Diritti

Ferragosto a Ostia, cronaca di un linciaggio sfiorato: il branco contro lo straniero

È il 15 agosto. Ostia, litorale romano, stabilimento Bettina. Improvvisamente un gruppo di uomini, donne e bambini crea un capannello. Sono a nemmeno 20 metri da loro. Percepisco concitazione, vedo il gruppo stringersi e diventare più grande. Sempre più uomini, abbronzati, tatuati, muscolosi, con improbabili occhialetti da ciclisti, vanno ad accrescere la folla. Nel giro di qualche minuto il capannello è diventato un chiosco di gente, anzi due. Donne che gridano, bambini che saltellano e, al centro, lui. Un uomo, proveniente dal Bangladesh è in ginocchio sulla sabbia, con il volto percosso, accerchiato da gente inferocita. Dai segmenti di conversazione che capto, lo accusano di aver fotografato una ragazzina. Lui però è ubriaco e soprattutto non parla italiano. Impossibile capire se e cosa abbia fotografato perché chi si è avventato contro di lui con un pugno al volto, gli ha anche spaccato il cellulare. Non può alzarsi, la folla lo sovrasta e lo accerchia.

Mentre cerco di capire se qualcuno ha chiamato la polizia per evitare quello che a tutti gli effetti sembra un linciaggio, un altro gruppo di energumeni arriva con altri tre presunti “complici” pescati in un altro punto della spiaggia. Anche loro sono sono del Bangladesh, non si sa quale relazione ci sia con l’altro ragazzo. Li fanno sedere a terra, uno che mi dice di essere un poliziotto, ma che pare semplicemente un bagnante più violento degli altri, procede a una specie di perquisizione non solo degli zaini dei tre ragazzi, ma anche corporale: fa alzare le magliette e comunica il termine delle operazioni con schiaffetti sul collo come fosse il preside di una scuola degli anni ‘30 o il protagonista di un brutto poliziesco. Nel frattempo provo a chiamare il 113, ma rimango in attesa, rimpallata da un messaggio automatico all’altro finché rinuncio, anche perché, nel frattempo, sono arrivati i carabinieri. Sono tutti giovanissimi, chissà come sono contenti di lavorare il 15 di agosto.

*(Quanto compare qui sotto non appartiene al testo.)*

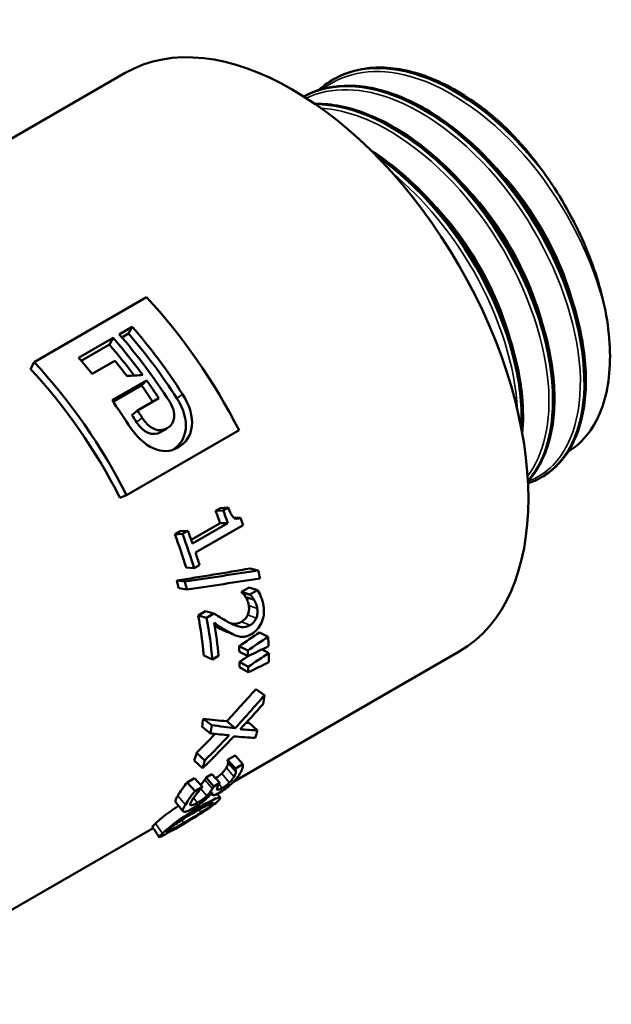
# Model space of a CAD drawing. Header units: millimetres. Extents: x -134 to 755, y -69 to 356.
# Tile 8 of 15: x 147 to 171, y 115 to 155. Entities that reach past the tile are written whole.
import ezdxf

# ---------------------------------------------------------------- set-up
doc = ezdxf.new("R2010")
doc.units = ezdxf.units.MM
doc.layers.add('Видимые тонкие (ГОСТ)', color=7, linetype='Continuous', lineweight=35)
doc.layers.add('Видимый контур (ГОСТ)', color=7, linetype='Continuous', lineweight=50)

msp = doc.modelspace()

# ---------------------------------------------------------------- linework, layer by layer
at = {"layer": 'Видимые тонкие (ГОСТ)'}
for p, q in [((153.5414, 139.6959), (153.771, 139.8738)), ((151.8928, 138.7293), (152.1227, 138.9068)), ((152.8975, 138.3307), (153.1436, 138.4817)), ((153.4177, 137.6121), (153.5928, 137.6945)), ((156.4809, 131.237), (156.8285, 131.111)), ((156.4383, 130.8606), (156.7875, 130.7227)), ((156.1836, 130.5734), (156.5334, 130.4307)), ((155.3746, 124.3724), (155.6841, 123.9964)), ((155.5645, 124.6062), (155.8785, 124.2373)), ((154.6801, 124.1138), (154.9947, 123.7459)), ((154.5191, 123.7429), (154.7593, 123.4501)), ((155.2638, 123.9346), (155.3926, 123.7759)), ((153.573, 123.4616), (153.8872, 123.093)), ((154.2226, 123.369), (154.3807, 123.173)), ((154.4198, 123.0837), (154.4809, 123.002)), ((154.4461, 122.8879), (154.5245, 122.7688)), ((154.9106, 123.1366), (154.9512, 123.0774)), ((153.7359, 122.4662), (153.8142, 122.3459)), ((152.6652, 122.3298), (152.9461, 121.9198)), ((153.1794, 122.0523), (153.2081, 122.0085))]:
    msp.add_line(p, q, dxfattribs=at)
for points, knots in [([(171.0557, 143.2807), (170.5846, 145.3348), (169.472, 147.5536), (168.0072, 149.3234), (166.5428, 151.0927), (164.7426, 152.3927), (163.0833, 152.8605), (161.7067, 153.2486), (160.4396, 153.0599), (159.5077, 152.3475)], [8.11048, 8.11048, 8.11048, 8.11048, 8.8815114, 8.8815114, 8.8815114, 9.65231, 9.65231, 9.65231, 10.291803, 10.291803, 10.291803, 10.291803]), ([(167.8882, 136.3113), (168.2753, 136.4527), (168.6221, 136.6733), (168.9155, 136.9715), (169.8387, 137.9096), (170.2222, 139.6042), (169.9475, 141.5861), (169.673, 143.5676), (168.7431, 145.8135), (167.3964, 147.705), (166.0119, 149.6497), (164.202, 151.1949), (162.4689, 151.89), (161.1255, 152.4288), (159.8406, 152.4521), (158.8258, 151.9756)], [13.2584405, 13.2584405, 13.2584405, 13.2584405, 13.5030153, 13.5030153, 13.5030153, 14.2725393, 14.2725393, 14.2725393, 15.0418712, 15.0418712, 15.0418712, 15.8327913, 15.8327913, 15.8327913, 16.4458727, 16.4458727, 16.4458727, 16.4458727]), ([(167.8762, 136.5163), (168.5458, 137.3978), (168.855, 138.7479), (168.7214, 140.3265), (168.5571, 142.2675), (167.7247, 144.5311), (166.4382, 146.4872), (165.1527, 148.4419), (163.4281, 150.0668), (161.7229, 150.9078), (160.9344, 151.2967), (160.1541, 151.5159), (159.4258, 151.5632)], [19.8586559, 19.8586559, 19.8586559, 19.8586559, 20.4878091, 20.4878091, 20.4878091, 21.2614037, 21.2614037, 21.2614037, 22.0344232, 22.0344232, 22.0344232, 22.3918897, 22.3918897, 22.3918897, 22.3918897]), ([(169.8029, 143.3582), (169.5988, 144.1952), (169.2812, 145.0613), (168.8598, 145.9024), (168.1906, 147.2385), (167.2658, 148.499), (166.2326, 149.4967)], [8.12549654, 8.12549654, 8.12549654, 8.12549654, 8.48563642, 8.48563642, 8.48563642, 9.05765388, 9.05765388, 9.05765388, 9.05765388]), ([(167.4601, 139.2249), (167.3795, 140.9656), (166.7473, 143.0077), (165.6899, 144.87), (164.8012, 146.4352), (163.6188, 147.8577), (162.3443, 148.9121)], [26.7226081, 26.7226081, 26.7226081, 26.7226081, 27.4314625, 27.4314625, 27.4314625, 28.0272323, 28.0272323, 28.0272323, 28.0272323]), ([(168.5184, 142.6199), (168.2258, 143.8051), (167.7047, 145.0488), (167.0001, 146.1948), (166.4161, 147.1446), (165.71, 148.0204), (164.9458, 148.7551)], [14.40927018, 14.40927018, 14.40927018, 14.40927018, 14.91886826, 14.91886826, 14.91886826, 15.34124552, 15.34124552, 15.34124552, 15.34124552]), ([(167.2369, 141.8778), (166.8706, 143.3556), (166.1413, 144.9253), (165.1634, 146.2828), (164.7073, 146.916), (164.1993, 147.4999), (163.6625, 148.0139)], [20.69245549, 20.69245549, 20.69245549, 20.69245549, 21.32798654, 21.32798654, 21.32798654, 21.62443082, 21.62443082, 21.62443082, 21.62443082])]:
    msp.add_open_spline(points, degree=3, knots=knots, dxfattribs=at)
at = {"layer": 'Видимый контур (ГОСТ)'}
for p, q in [((130.2188, 140.7545), (151.432, 153.002)), ((159.934, 152.7373), (159.946, 152.7442)), ((147.701, 141.1859), (152.2972, 143.8395)), ((151.1853, 142.3161), (151.7184, 142.6239)), ((151.5613, 142.3488), (151.7184, 142.6239)), ((149.5236, 141.3567), (150.936, 142.1722)), ((150.7789, 141.8971), (150.936, 142.1722)), ((151.5613, 142.3488), (151.2915, 142.1931)), ((150.7789, 141.8971), (149.6298, 141.2337)), ((147.5624, 140.8904), (147.701, 141.1859)), ((151.0099, 141.2381), (150.0746, 140.6981)), ((150.8906, 139.6212), (152.303, 140.4366)), ((152.0976, 140.2228), (150.9386, 139.5537)), ((152.0976, 140.2228), (152.303, 140.4366)), ((152.8002, 139.712), (151.9271, 139.2079)), ((151.7042, 139.0198), (151.9271, 139.2079)), ((156.0802, 138.3968), (151.4841, 135.7432)), ((168.4616, 136.4841), (168.4737, 136.491)), ((151.2118, 135.64), (151.4841, 135.7432)), ((155.1238, 135.1028), (155.3211, 135.2167)), ((155.3211, 135.2167), (155.6295, 135.2384)), ((155.4321, 135.1245), (155.6295, 135.2384)), ((155.1238, 135.1028), (155.4321, 135.1245)), ((155.881, 134.8155), (156.1464, 134.816)), ((154.1262, 133.9155), (155.3082, 134.5979)), ((154.1789, 133.7672), (155.6233, 134.6011)), ((156.2479, 134.5169), (154.3057, 133.3956)), ((155.3082, 134.5979), (155.6233, 134.6011)), ((153.4593, 134.1418), (153.6793, 134.2689)), ((153.4593, 134.1418), (153.7676, 134.1635)), ((153.6793, 134.2689), (153.9877, 134.2905)), ((153.7676, 134.1635), (153.9877, 134.2905)), ((154.4681, 132.8841), (154.248, 132.7571)), ((153.9227, 132.7851), (154.248, 132.7571)), ((156.5301, 132.7462), (156.8685, 132.6691)), ((153.5326, 132.2517), (153.8608, 132.2141)), ((153.6206, 131.9375), (153.9521, 131.8883)), ((156.1826, 131.7928), (156.49, 131.9702)), ((156.1826, 131.7928), (156.5261, 131.6911)), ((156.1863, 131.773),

Vedo che i bagnanti più inferociti, da quello del cazzotto alle madri più avvelenate, hanno già battuto la ritirata. I tre presunti poliziotti in costume sono defilati. Solo i bambini, con le mani sui fianchi, tutti eccitati, dicono ai militari che poco più in là ci sono “gli altri pedofili”. Lo sciame si scompone, persino la madre della presunta vittima è scomparsa. I tre ragazzi sono in piedi, l’accusato numero uno è incredulo, in piedi pure lui, coperto di sabbia, con l’occhio gonfio. Di tutti gli urlatori e le urlatrici che fino al momento prima erano pronti alla forca, non c’è più traccia. Il branco ha perso l’osso. Così finisce che l’unico a cui i carabinieri chiedono l’identità e il permesso di soggiorno è un ragazzo di colore che lavora ai bagni, Ani, uno dei pochi che ha cercato di evitare il linciaggio. “Eh, vorrei vedere lei se era sua figlia”, è la frase in italiano stentato che alcune madri (e uno dei sedicenti poliziotti) mi rivolgono per essermi messa in mezzo. I militari portano via i quattro ragazzi.

Qualcuno a tavola avrà poi raccontato di aver sgominato una banda di pedofili a Ostia. Ad altri – vorrei credere la maggioranza, ma temo non sia così – rimarrà la sensazione di aver assistito a quel microcosmo di ignoranza, cattiveria, razzismo che in altri contesti porta in vetta il libraccio di Vannacci (e lui medesimo al Parlamento europeo come secondo più votato dopo Giorgia Meloni con 530mila preferenze) o che fa venire in mente a qualcuno che un murales di Paola Egonu vada coperto di rosa perché “non rappresenta l’italianità”. È il Paese della giustizia fai da te, della violenza e della sopraffazione, della legge del più forte che pensa di avere più diritti solo perché ha la pelle bianca e i documenti nei pantaloni.

Aggiornato dall’autrice il 20 agosto, ore 11

Sempre il 15 agosto, a Ostia, in due punti differenti del lungo litorale, sono avvenuti due arresti che hanno portato ad altrettante condanne per direttissima a 3 anni e 4 mesi per molestie sessuali ai danni di alcune ragazzine. Gli arrestati, un egiziano assistito dall’avvocato Sabrina Metta e un bangladese assistito dall’avvocato Cristiano Maria Pacifici, sono stati portati di fronte al sostituto procuratore Giorgio Orano, scalzi. Un episodio è avvenuto nei pressi del Bahia beach, a 8,5 km da dove mi trovavo io, l’altro al secondo cancello della spiaggia libera, a circa 5 km dal mio punto di osservazione. Entrambi gli uomini hanno rischiato il linciaggio.

Alcuni articoli di cronaca hanno riportato la notizia, anche se ognuno raccontava i fatti in modo diverso (egiziani o Bangladesh? Il 15 agosto o la vigilia?), insomma non proprio un grande esempio di precisione giornalistica. Tuttavia, i carabinieri mi hanno confermato che quanto ho visto non ha nulla a che fare con i due arresti: il ragazzo, classe 1999, è stato trasportato all’ospedale con una ferita al volto. Nessuna denuncia: lui non conosceva i nomi degli aggressori e gli aggressori – accusatori erano svaniti nel nulla alla vista dei militari.

Certamente le molestie contro ragazzine sono tra le azioni più odiose possibili, ma non viviamo forse in una società del diritto dove la legge ha sostituito la clava?